At school, I am the futile pupil brutalised by neo-fascist inquisitors who do not understand the subtleties of sublime rhyme. My only valent talent is for athletics, my event the 20-kilometre walk on water. Blood laced with disgrace flows from my hands, feet and side. "Oh, Steven," says my Mother Mary. "What have you done to yourself now?" I feel forlorn in my crown of thorns. Death death death unbreath is all around me. Nancy laughs, her wild smile frozen for ever as a bus loses control on a pothole and crushes her against the grimey cor blimey door of the Rover's Return. Gloria Gaynor sings I Won't Survive. Life is thus.
I seldom leave home. Top of the Pops is my one refuge from the deluge of my tears and fears. The chorus of Mud's Tiger Feet - "That's neat, that's neat, that's neat, I really love your tiger feet" - fills the gloom of the room. For the first time, I feel the possibility of persistent existence. I can see the stripy paws of one of the world's most endangered species bounding unhounded through the jungle. Those paws are mine. No more condescension at my pretension. I will sing. I will be famous. I write a song, Living Next Door to Malice, and send it to Smokie. They tell me to fuck off. The sure allure of the unbrave grave returns.
A nonentity introduces me to a moderately talented guitarist named Johnny Marr who is friends with a useless drummer called Mike Joyce and a bassist whose name I can't remember. And from that moment on, this book starts switching between the present and the past tense, and gives up trying to be shitary literary in the interests of settling as many scores as possible.
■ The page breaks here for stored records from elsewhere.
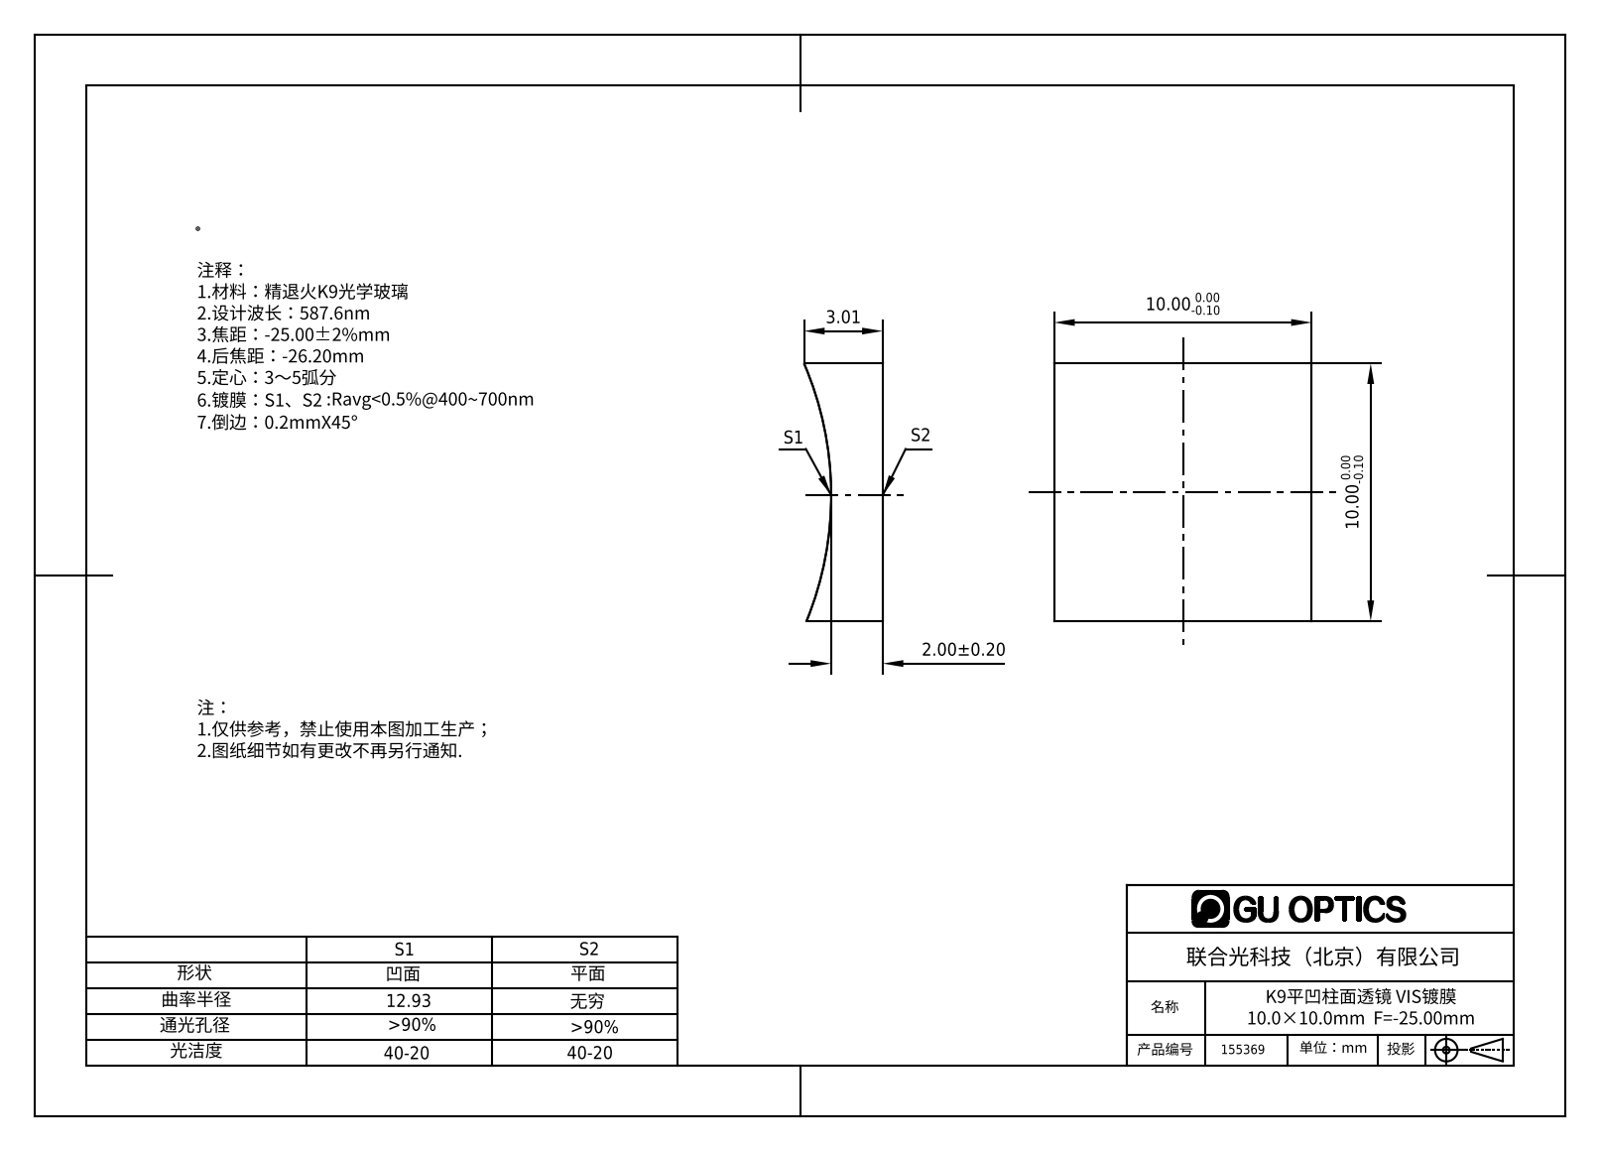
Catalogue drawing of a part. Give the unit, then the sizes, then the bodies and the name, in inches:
Units: inches
Overall size (bounding box): 0.394 × 0.394 × 0.12
Partial cylindrical surfaces — rounded edges, fillets, slot ends (radius × count): R0.509 ×1
Main face-to-face distances: 0.394
Volume: 0.014 in³ · Surface area: 0.479 in²
Bodies: 1 solid, 6 faces (5 planar, 1 cylindrical, 0 other)
Part name (STEP PRODUCT): 155336
STEP written by: SolidWorks 2016 (AUTOMOTIVE_DESIGN)
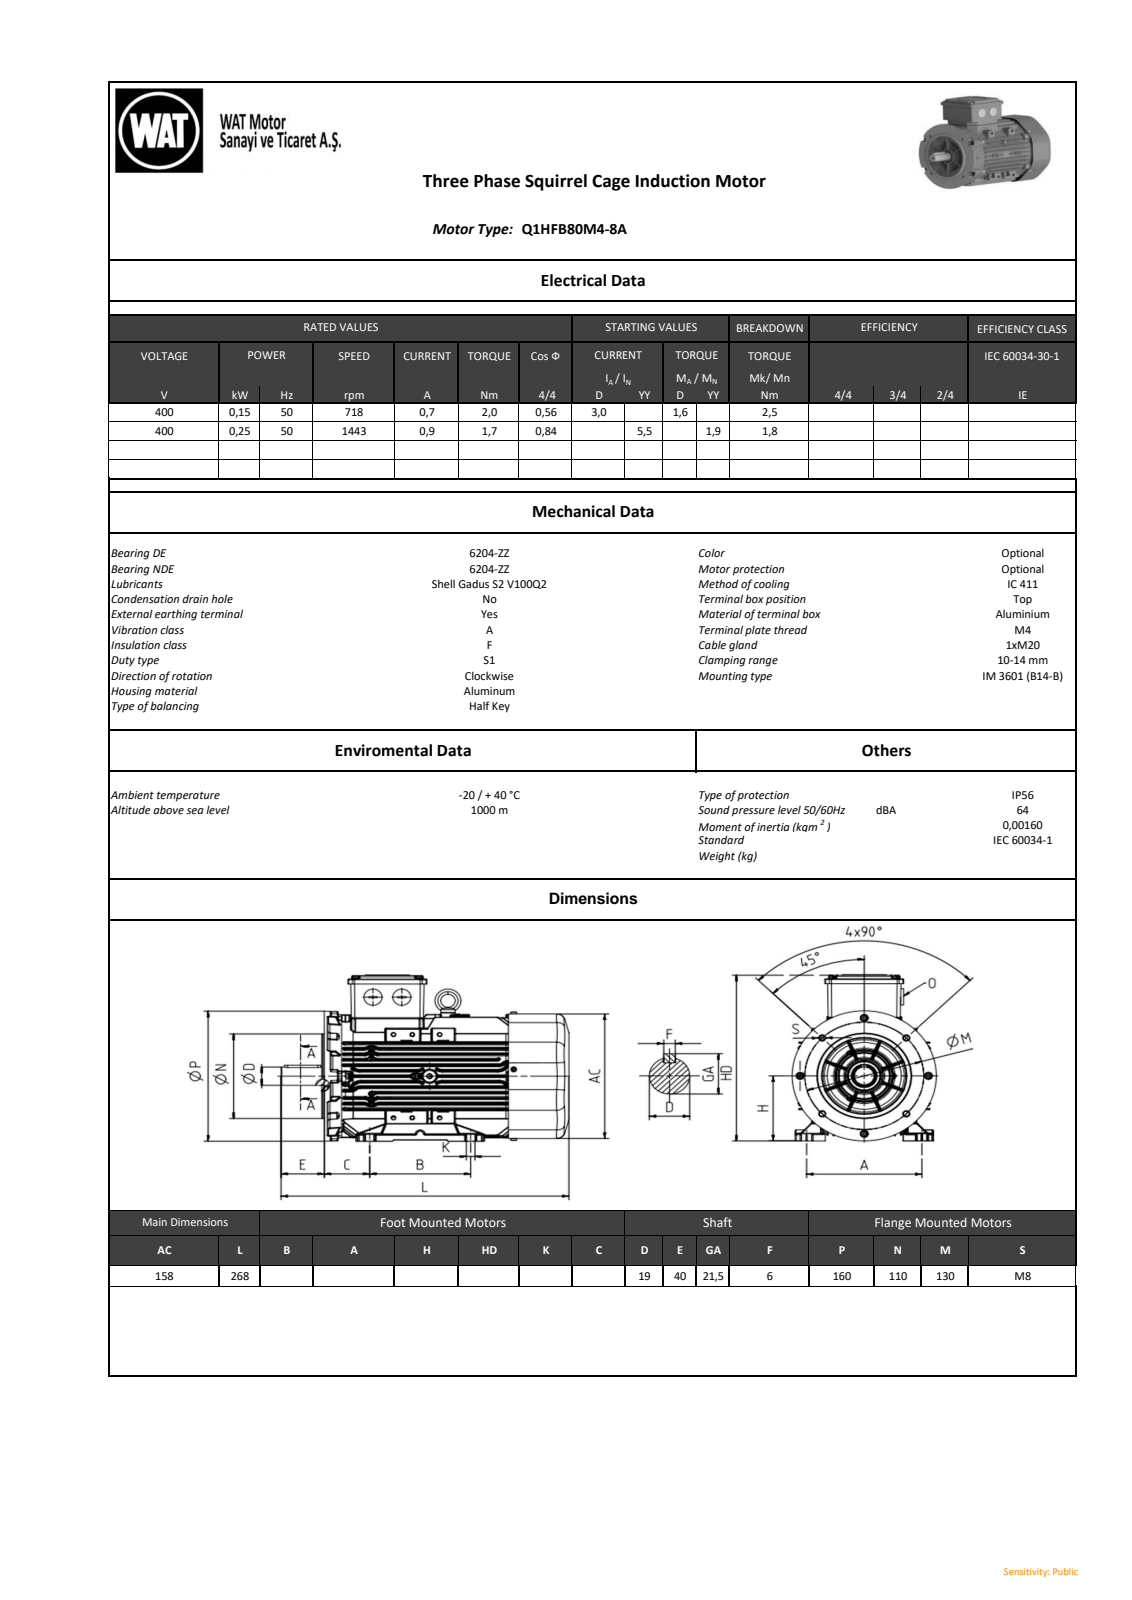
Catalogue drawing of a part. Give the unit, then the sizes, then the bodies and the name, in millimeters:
Units: millimetres
Overall size (bounding box): 268 × 215.5 × 160
Round holes (diameter × count): ⌀4.6 ×2, ⌀5 ×1, ⌀8 ×1, ⌀57 ×1
Round bosses / shafts (diameter × count): ⌀6 ×8, ⌀21.38 ×2, ⌀146.5 ×1, ⌀110 ×1, ⌀61 ×1, ⌀24.07 ×1, ⌀20.2 ×1, ⌀20 ×1
Partial cylindrical surfaces — rounded edges, fillets, slot ends (radius × count): R0.5 ×565, R1 ×530, R0.8 ×339, R2 ×89, R1.5 ×32, R0.5 ×20, R1.45 ×16, R5 ×14
Main face-to-face distances: 1, 157, 41.96, 156.98, 10.36, 86, 10.49, 52.32, 18, 20.84
Hole centre spacings: 70.94
Bodies: 0 solids, 5417 faces (1102 planar, 2149 cylindrical, 2166 other)
Part name (STEP PRODUCT): QH series_ 80_B14b_stp_objects
STEP written by: SIEMENS PLM Software NX2206.8101 (AUTOMOTIVE_DESIGN)
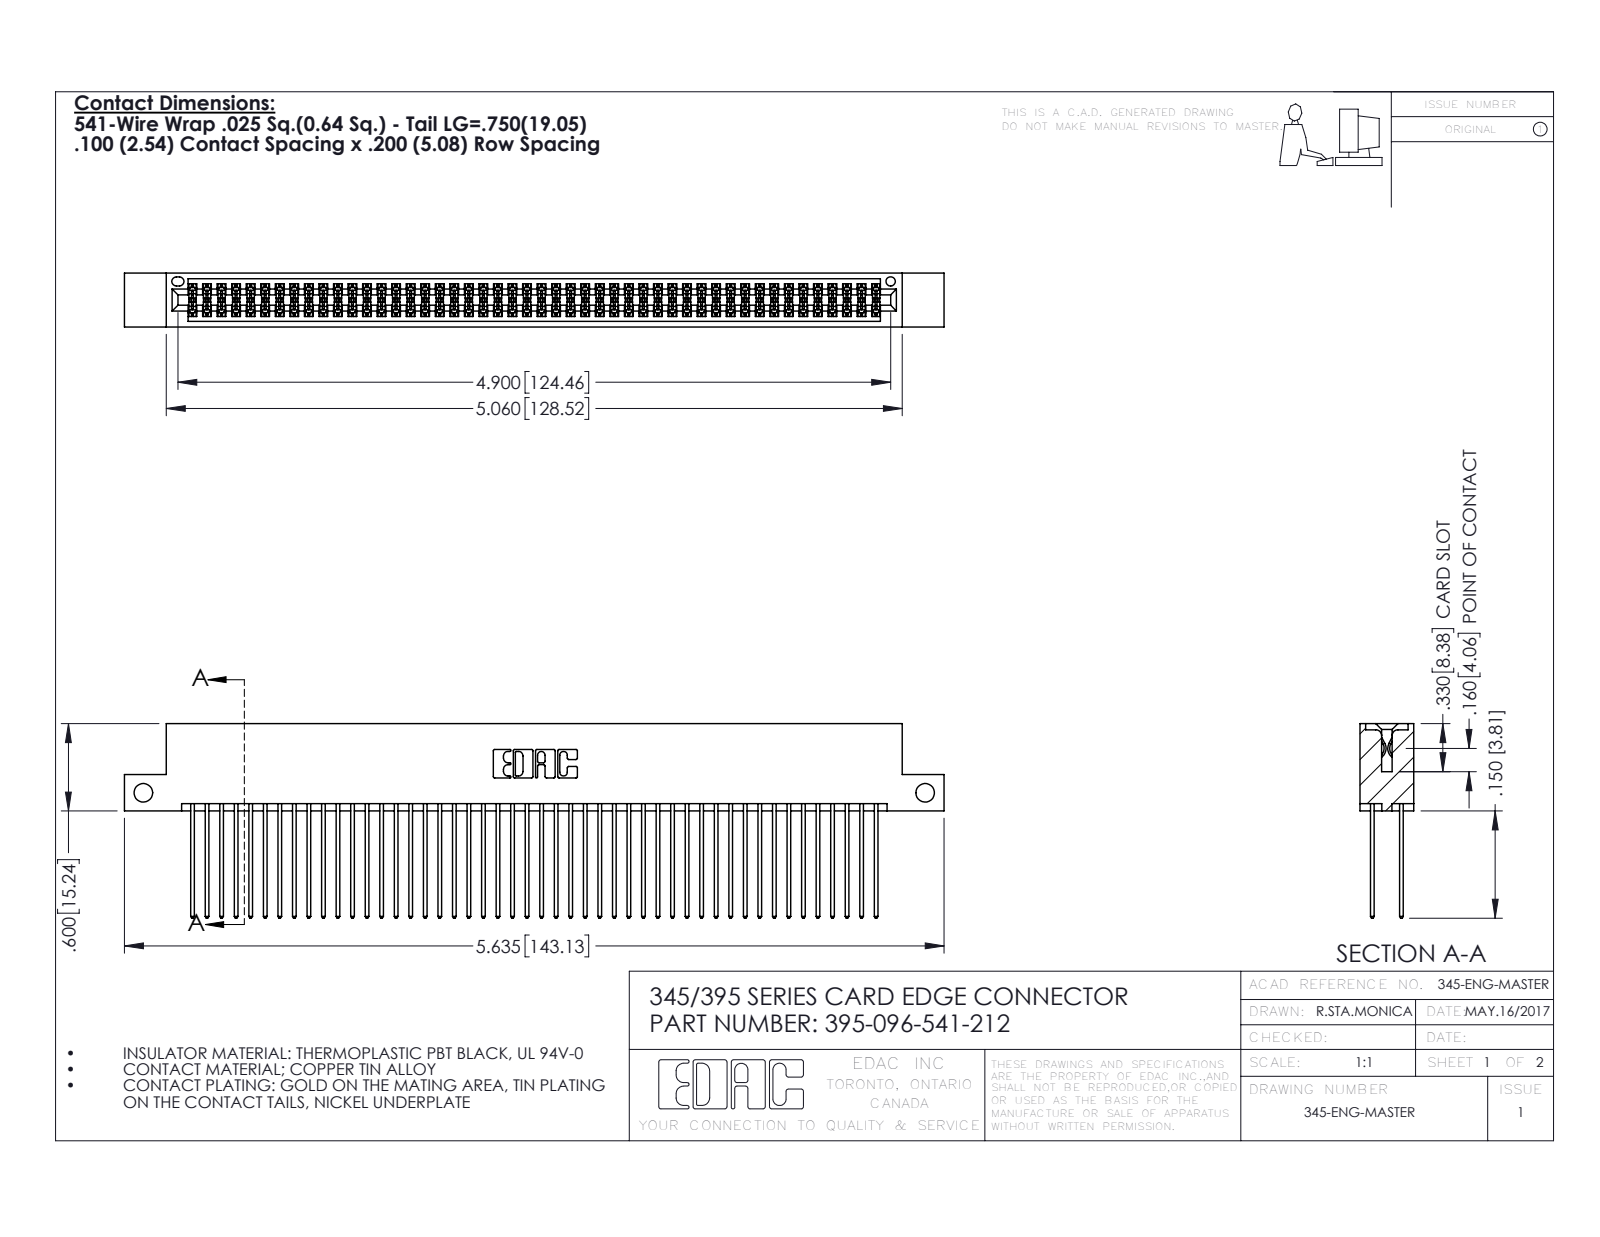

At the beginning, there was a great sense of energy, despite the small-mindedness of the automated, burger-eating pen-pushers at Rough Trade. Where this energy was coming from, I couldn't say, for my mind was fizzing with the creativity of a Keats or an Auden who had been caged for too long. The band didn't appreciate my tortured physicality that brought them hit after hit. They just enjoyed the trivialities of the repetitive life on the road while I endured the barbs and arrows of the intellectual pygmies of the music press. I was the meat being murdered.
I woke up one morning to discover that the Smiths were finished. To this day, I still can't say how that happened. Though Johnny Marr stuffing my silly gladioli up my arse may have had something to do with it. For the last 25 years and 25 nights have I roamed the deserts of London and LA doing my best to appear enigmatic and then complaining that no one understands me. David Bowie called. But who is he really? Johnny Depp turned his back. Just a parody of Paradis.
The nails went in hard. One by one. Whip me, beat me. A lawyer asked for £200,000. I paid without a backward look. Record companies robbed me, musicians who would have been nothing without me damned me, Julie Burchill tried to devour me. Friends died. And then they died again. And again. Still the audiences flocked to me in Stockholm, Rome, Stockholm and Stockholm. My message endured the cross and the very cross. And so it came to pass that the more you ignored me, the closer I got to my narcissistic heaven.